Numa história que se alonga por três décadas, os prémios satíricos contam com um galardoado que acumula ao Ig Nobel do ano 2000, na categoria de Física, distinção análoga nos Nobel de 2010. Andre Geim, nascido na Rússia, naturalizado holandês, destaca-se, a par do russo Konstantin Novoselov, na descoberta das propriedades do grafeno. No início do século XXI, as pesquisas de Andre Geim sobre levitação magnética de rãs vivas não fariam adivinhar que a investigação em torno de um novo material mais forte do que o diamante, condutor de calor e flexível quando misturado com plástico lhe garantiria o principal galardão das ciências.
Tal como nas três décadas anteriores, a cerimónia dos Ig Nobel entregou, a 15 de setembro de 2022 (a cerimónia antecede o anúncio dos Nobel), 10 galardões a investigações tão diversas quanto o fundamento para o comportamento natatório dos patos (categoria Física), o porquê da paixão de sincronizar os ritmos cardíacos dos enamorados (categoria Cardiologia), uma teoria matemática que explica o sucesso dos indivíduos com mais sorte face aos mais talentosos (categoria Economia) e um estudo que se detém na higiene intestinal dos maias, sustentado em cenas retratadas em antigas cerâmicas (categoria História da Arte).

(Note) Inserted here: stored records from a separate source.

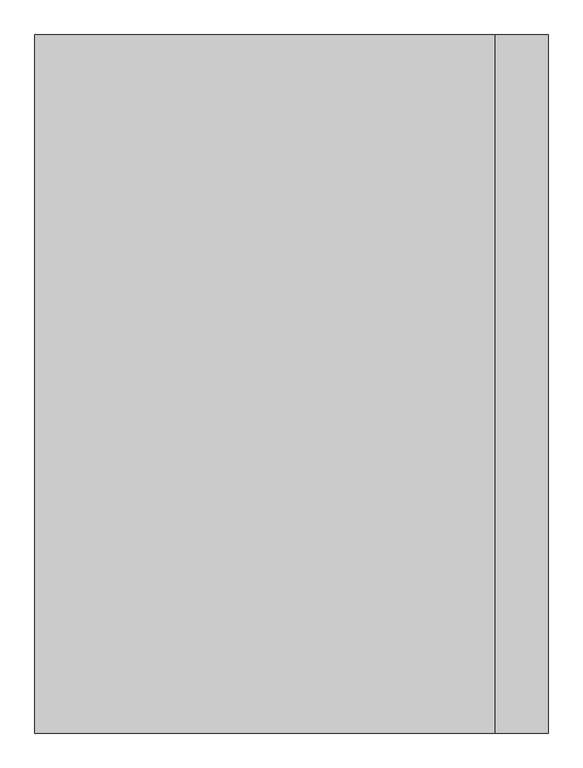
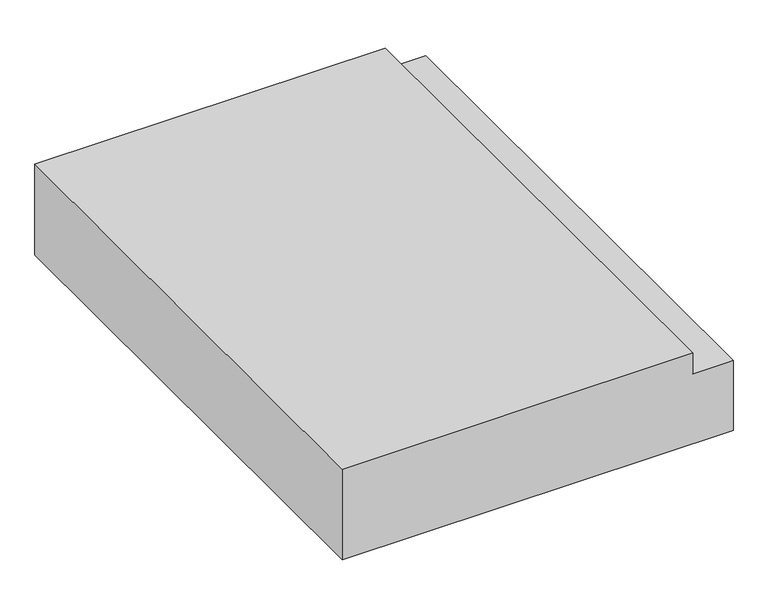
"""IFC4 building model written with IfcOpenShell, lengths in millimetres: proxy geometry, Gravel003 307 : Gravel003 307."""

from ifc_helpers import new_model, si_unit, frame, origin, place, context, project, spatial, polyline, outline, extrude, source, transform, mapped, element, save


def generic_models_56ee6a12(model_context):
    return source(origin(), model_context, "Body", "SweptSolid", [
        extrude(outline(polyline([(32036.6025286, -10098.4737014), (32314.8961275, -10098.4737014), (32314.8961275, -10250.8737014), (32397.0602473, -10250.8737014), (32397.0602473, -11568.4300809), (32036.6025286, -11568.4300809), (32036.6025286, -10098.4737014)])), frame((0.0, 7982.1531721, 0.0), z_axis=(0.0, 1.0, 0.0), x_axis=(0.0, 0.0, 1.0)), (0.0, 0.0, 1.0), 2000.0),
    ])


if __name__ == "__main__":
    model = new_model("IFC4")
    model_context = context("Model", 3, world=origin())
    ifc_project = project(units=[si_unit("LENGTHUNIT", "METRE", prefix="MILLI")], contexts=[model_context])
    site = spatial("IfcSite", under=ifc_project)
    building = spatial("IfcBuilding", under=site)
    placement = place(None, origin())
    generic_models_shape = generic_models_56ee6a12(model_context)
    element("IfcBuildingElementProxy", 1, Name="Gravel003 307 : Gravel003 307", ObjectType="Gravel003 307 : Gravel003 307", at=placement, inside=building, context=model_context, shape_type="MappedRepresentation", body=[
        mapped(generic_models_shape, transform((0.0, 0.0, 0.0), x_axis=(1.0, 0.0, 0.0), y_axis=(0.0, 1.0, 0.0), z_axis=(0.0, 0.0, 1.0))),
    ])
    save(model, "model.ifc")

# Revit data of these elements
# Type "Gravel003 307 : Gravel003 307"
#   NameOverride = "Gravel003"
# Element 1 (IfcBuildingElementProxy, "Gravel003 307 : Gravel003 307")
#   Materials on its faces: "4\" MIN. CRUSHED GRAVEL (NO FINES)"
# Materials
#   "4\" MIN. CRUSHED GRAVEL (NO FINES)": class "Unassigned", colour RGB 145 162 188, transparency 0, Cost = 0
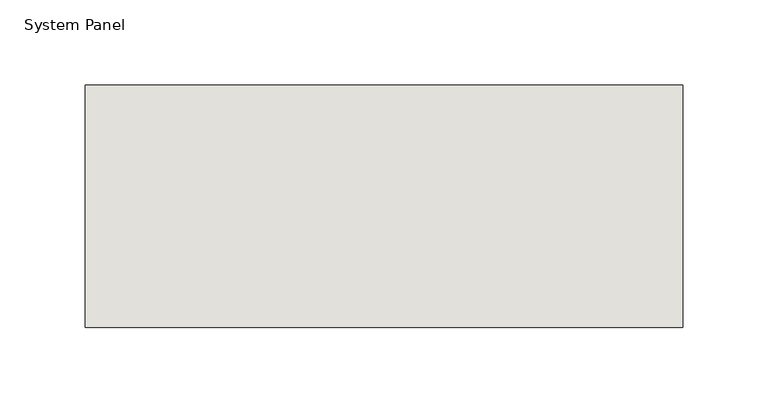
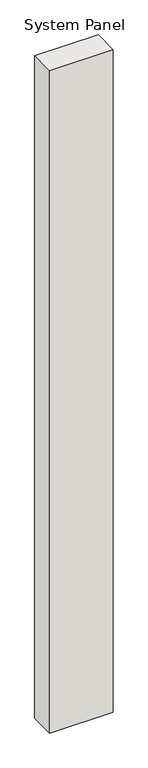
"""IFC4 building model written with IfcOpenShell, lengths in millimetres: wall geometry, System Panel : NLRS_21_CWP_hsb-vulling minerale wol 142 _gen_rsf."""

from ifc_helpers import new_model, si_unit, origin, origin_with_axes, place, context, project, spatial, polyline, outline, extrude, source, transform, mapped, element, save


def system_panel_cc2e8257(model_context):
    return source(origin(), model_context, "Body", "SweptSolid", [
        extrude(outline(polyline([(175.0000002, -71.0), (-175.0000002, -71.0), (-175.0000002, 71.0), (175.0000002, 71.0), (175.0000002, -71.0)])), origin_with_axes(), (0.0, 0.0, 1.0), 3849.0),
    ])


if __name__ == "__main__":
    model = new_model("IFC4")
    model_context = context("Model", 3, world=origin())
    ifc_project = project(units=[si_unit("LENGTHUNIT", "METRE", prefix="MILLI")], contexts=[model_context])
    site = spatial("IfcSite", under=ifc_project)
    building = spatial("IfcBuilding", under=site)
    placement = place(None, origin())
    system_panel_shape = system_panel_cc2e8257(model_context)
    element("IfcWall", 1, ObjectType="System Panel : NLRS_21_CWP_hsb-vulling minerale wol 142 _gen_rsf", at=placement, inside=building, context=model_context, shape_type="MappedRepresentation", body=[
        mapped(system_panel_shape, transform((0.0, 0.0, 0.0), x_axis=(1.0, 0.0, 0.0), y_axis=(0.0, 1.0, 0.0), z_axis=(0.0, 0.0, 1.0))),
    ])
    save(model, "model.ifc")

# Revit data of these elements
# Type "System Panel : NLRS_21_CWP_hsb-vulling minerale wol 142 _gen_rsf"
#   Type IfcGUID = "07M7mRoiH1CR8m_RSKIwpC"
#   Assembly Code = "21.23"
#   IfcExportAs = "IfcWall"
# Element 1 (IfcWall, "System Panel : NLRS_21_CWP_hsb-vulling minerale wol 142 _gen_rsf")
#   Materials on its faces: "NLRS_m1_isolatie minerale wol_gen_rsf"
# Materials
#   "NLRS_m1_isolatie minerale wol_gen_rsf": class "M - Anorganische materialen", colour RGB 200 200 140, transparency 0, Keynote = "m1", Manufacturer = "Revit Standards Foundation", URL = "www.revitstandards.org", Description = "isolatie minerale wol", Cost = 0
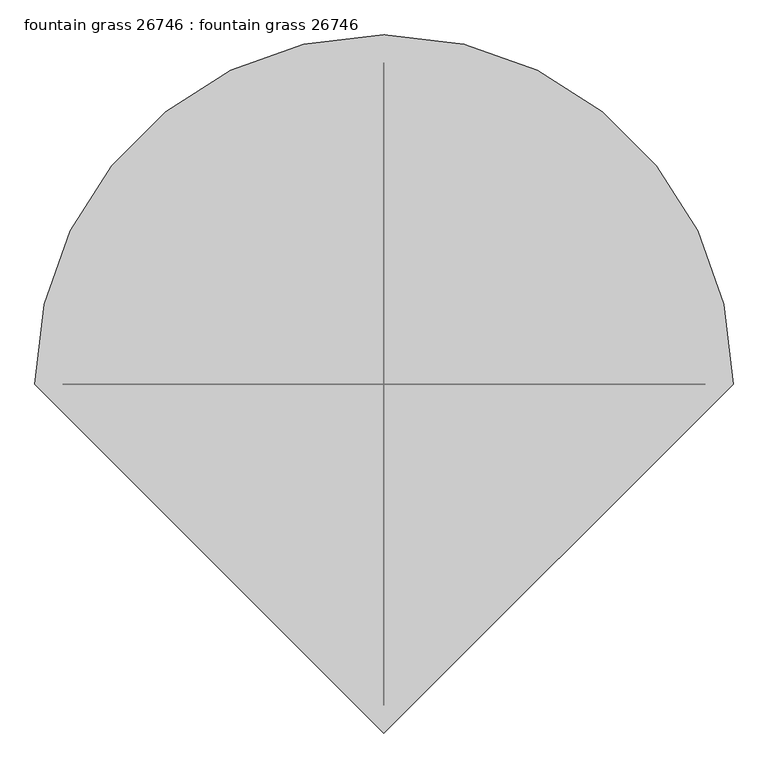
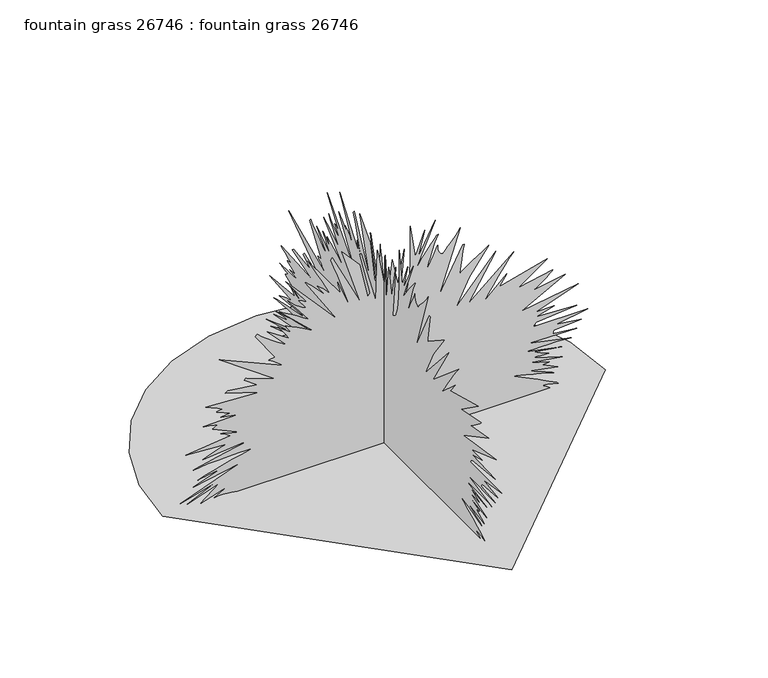
"""IFC4 building model written with IfcOpenShell, lengths in millimetres: proxy geometry, fountain grass 26746 : fountain grass 26746."""

from ifc_helpers import new_model, si_unit, origin, place, context, project, spatial, triangles, source, transform, mapped, element, save


def fountain_grass_26746_fountain_grass_26746_7c509b90(model_context):
    return source(origin(), model_context, "Body", "Tessellation", [
        triangles([(-1075.1021822, 0.0, 0.0), (-1046.6796438, 246.3421583, 0.0), (-965.7324045, 472.5690837, 0.0), (-838.7452429, 672.1950891, 0.0), (-672.1950891, 838.7452429, 0.0), (-472.5690837, 965.7324045, 0.0), (-246.341904, 1046.6796438, 0.0), (4.7e-05, 1075.1021822, 0.0), (246.3421583, 1046.6796438, 0.0), (472.5690837, 965.7324045, 0.0), (672.1950891, 838.7452429, 0.0), (838.7452429, 672.1950891, 0.0), (965.7324045, 472.5690837, 0.0), (1046.6796438, 246.341904, 0.0), (1075.1021822, -9.4e-05, 0.0), (-0.000141, -1075.1021822, 0.0), (-0.0002094, -151.7493584, 903.5253731), (-0.0002064, -197.8505688, 1023.5783649), (-0.0002098, -163.2745906, 893.9190554), (-0.000206, -247.7932689, 1057.1952084), (-0.0002115, -151.7493584, 831.4910345), (-0.0002109, -167.7051159, 857.3634378), (-0.0002104, -186.8993659, 885.4837418), (-0.0002098, -207.3806375, 913.5837708), (-0.0002093, -227.1984504, 939.3926605), (-0.0002089, -244.4013429, 960.6372213), (-0.0002086, -257.0401245, 975.0516758), (-0.0002085, -263.1615169, 980.3602907), (-0.0002094, -247.7267213, 943.5176268), (-0.0002103, -234.4486256, 908.2090988), (-0.0002111, -223.4664289, 876.1391087), (-0.0002118, -214.9206206, 848.9967247), (-0.0002123, -208.9511085, 828.4836599), (-0.0002127, -205.6989088, 816.294215), (-0.0002127, -205.3039292, 814.1250887), (-0.0002127, -208.3029104, 818.0239786), (-0.0002124, -216.0537091, 832.5501995), (-0.000212, -226.6881618, 853.6500017), (-0.0002116, -238.3378685, 877.271961), (-0.0002112, -249.1338665, 899.3648712), (-0.0002109, -257.207756, 915.8748373), (-0.0002107, -260.692645, 922.748037), (-0.0002103, -260.2582965, 906.3549242), (-0.0002103, -263.0522939, 893.568568), (-0.0002106, -267.949415, 883.9953152), (-0.0002111, -273.8345936, 877.2388962), (-0.0002116, -279.5876763, 872.9031143), (-0.000212, -284.0860209, 870.5917728), (-0.0002121, -286.2119994, 869.908457), (-0.0002118, -297.8807457, 886.1644415), (-0.0002115, -309.7933362, 900.0811066), (-0.0002113, -321.8837319, 912.8293837), (-0.0002111, -334.0884012, 925.5801315), (-0.0002109, -346.3388163, 939.504427), (-0.0002105, -358.5765141, 955.7731287), (-0.0002101, -370.7304234, 975.5571682), (-0.0002182, -267.0019983, 658.6111799), (-0.000213, -382.2543929, 884.3153538), (-0.0002131, -389.9378629, 884.3153538), (-0.0002137, -385.7570498, 861.6865025), (-0.0002144, -381.2002785, 835.410272), (-0.0002152, -376.6689054, 808.0824343), (-0.0002159, -372.5719171, 782.3039932), (-0.0002165, -369.305474, 760.6733368), (-0.0002169, -367.2760194, 745.7889982), (-0.0002171, -366.8873803, 740.2492201), (-0.0002169, -377.1819918, 749.4998909), (-0.0002168, -398.429096, 764.5798571), (-0.0002166, -426.0591682, 782.8856438), (-0.0002164, -455.5053723, 801.8137035), (-0.0002163, -482.19564, 818.763105), (-0.0002161, -501.5631351, 831.122743), (-0.0002161, -509.0332824, 836.294157), (-0.0002187, -412.9883454, 706.6349201), (-0.0002218, -347.6799408, 572.1725244), (-0.0002178, -543.6077345, 793.0735394), (-0.0002226, -409.1478822, 572.1725244), (-0.0002221, -630.0006443, 760.9578398), (-0.0002225, -607.1482965, 733.4877869), (-0.0002229, -581.7076618, 698.9640947), (-0.0002232, -555.6879564, 661.3112331), (-0.0002235, -531.0982146, 624.4456781), (-0.0002238, -509.9451453, 592.2867763), (-0.000224, -494.2377829, 568.7536923), (-0.0002241, -485.9827998, 557.7656639), (-0.0002226, -597.394713, 658.6111799), (-0.0002236, -558.9747108, 605.7868607), (-0.0002249, -793.3225067, 668.217425), (-0.000226, -651.1791481, 567.3694018), (-0.0002272, -820.215996, 600.9862453), (-0.0002273, -814.2901949, 595.3652584), (-0.0002274, -803.8635057, 586.2314046), (-0.0002276, -790.0737951, 574.7607748), (-0.0002278, -774.0693214, 562.1243005), (-0.0002279, -756.9878059, 549.4928767), (-0.000228, -739.9748909, 538.045138), (-0.0002281, -724.171059, 528.951943), (-0.0002293, -881.683901, 557.7656639), (-0.0002299, -666.5461607, 442.5132874), (-0.0002323, -943.1518787, 485.7338688), (-0.0002317, -735.6975357, 413.6995302), (-0.0002329, -827.8994659, 413.6995302), (-0.0002325, -739.5380716, 389.6889682), (-0.0002353, -935.4683361, 380.0852303), (-0.0002333, -739.5380716, 360.875211), (-0.0002334, -737.0615513, 358.3860097), (-0.0002334, -734.2345436, 355.2567312), (-0.0002335, -731.3236748, 351.8201314), (-0.0002335, -728.5931728, 348.4089297), (-0.0002336, -726.3148235, 345.3558457), (-0.0002336, -724.7527096, 342.9987222), (-0.0002337, -724.171059, 341.6677714), (-0.0002372, -989.2528439, 341.6677714), (-0.0002359, -835.5829359, 317.6571731), (-0.0002381, -958.5188187, 298.4471538), (-0.0002366, -824.0564592, 288.843434), (-0.000237, -820.215996, 274.4365736), (-0.0002389, -935.4683361, 260.0296949), (-0.0002357, -704.9635832, 264.8328356), (-0.0002397, -908.5748468, 221.6119818), (-0.0002392, -879.3065025, 224.4689658), (-0.0002387, -841.8263048, 226.3310433), (-0.0002381, -800.7671831, 227.3607588), (-0.0002376, -760.7622849, 227.7214381), (-0.0002371, -726.4494083, 227.5753896), (-0.0002368, -702.461701, 227.0854304), (-0.0002367, -693.4371065, 226.4143594), (-0.0002399, -862.4738817, 192.7990239), (-0.0002375, -720.3305958, 212.0077533), (-0.0002395, -801.079664, 180.0418811), (-0.0002393, -789.8198135, 180.8544223), (-0.0002391, -775.0700598, 181.8744909), (-0.0002389, -758.976638, 182.9049694), (-0.0002386, -743.6934866, 183.7490131), (-0.0002385, -731.3642973, 184.2100133), (-0.0002384, -724.1406103, 184.090889), (-0.0002384, -724.171059, 183.194523), (-0.0002416, -866.3169611, 139.9746865), (-0.0002388, -708.8040464, 163.9857935), (-0.0002409, -802.8830423, 135.5523002), (-0.0002408, -799.4514931, 134.831959), (-0.0002408, -794.1606823, 134.0915427), (-0.0002407, -787.8817778, 133.3391994), (-0.0002407, -781.4835491, 132.5827867), (-0.0002406, -775.8346207, 131.8306978), (-0.0002406, -771.8087036, 131.0902815), (-0.0002406, -770.2720242, 130.3701946), (-0.0002426, -843.2664785, 96.75485), (-0.0002398, -697.2953739, 122.86552), (-0.0002401, -707.9455233, 119.2147799), (-0.0002406, -727.4654074, 112.0362392), (-0.0002412, -752.0246641, 102.744419), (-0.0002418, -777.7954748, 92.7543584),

Uma generosa dose de excentricidade tem acompanhado os Ig Nobel desde a primeira edição. Em 1991, o médico imunologista francês Jacques Benveniste, correspondente da revista Nature, foi agraciado com o galardão da Química pela controversa descoberta, em 1988, da "memória da água", a capacidade de este líquido reter propriedades de substâncias que nele estiveram diluídas no passado, conceito transposto para a homeopatia. Um início de década de 90 profícuo em contributos para o Ig Nobel. Um deles o de Erich von Däniken, teórico da conspiração, escritor e arqueólogo suíço, autor profícuo, celebrizado pela obra Eram os Deuses Astronautas? (1968), livro que esmiuçava a influência de ancestrais visitantes de outros mundos na fundação da civilização terrestre. Erich von Däniken arrecadou o Ig Nobel na categoria Literatura. De olhos postos na Terra e menos em fantasias interestelares, o prémio Literatura, em 2022, foi entregue a um trio de investigadores pelo seu contributo para o esclarecimento de uma questão que há muito reside nas preocupações de muitos humanos: "porque são os contratos difíceis de compreender?".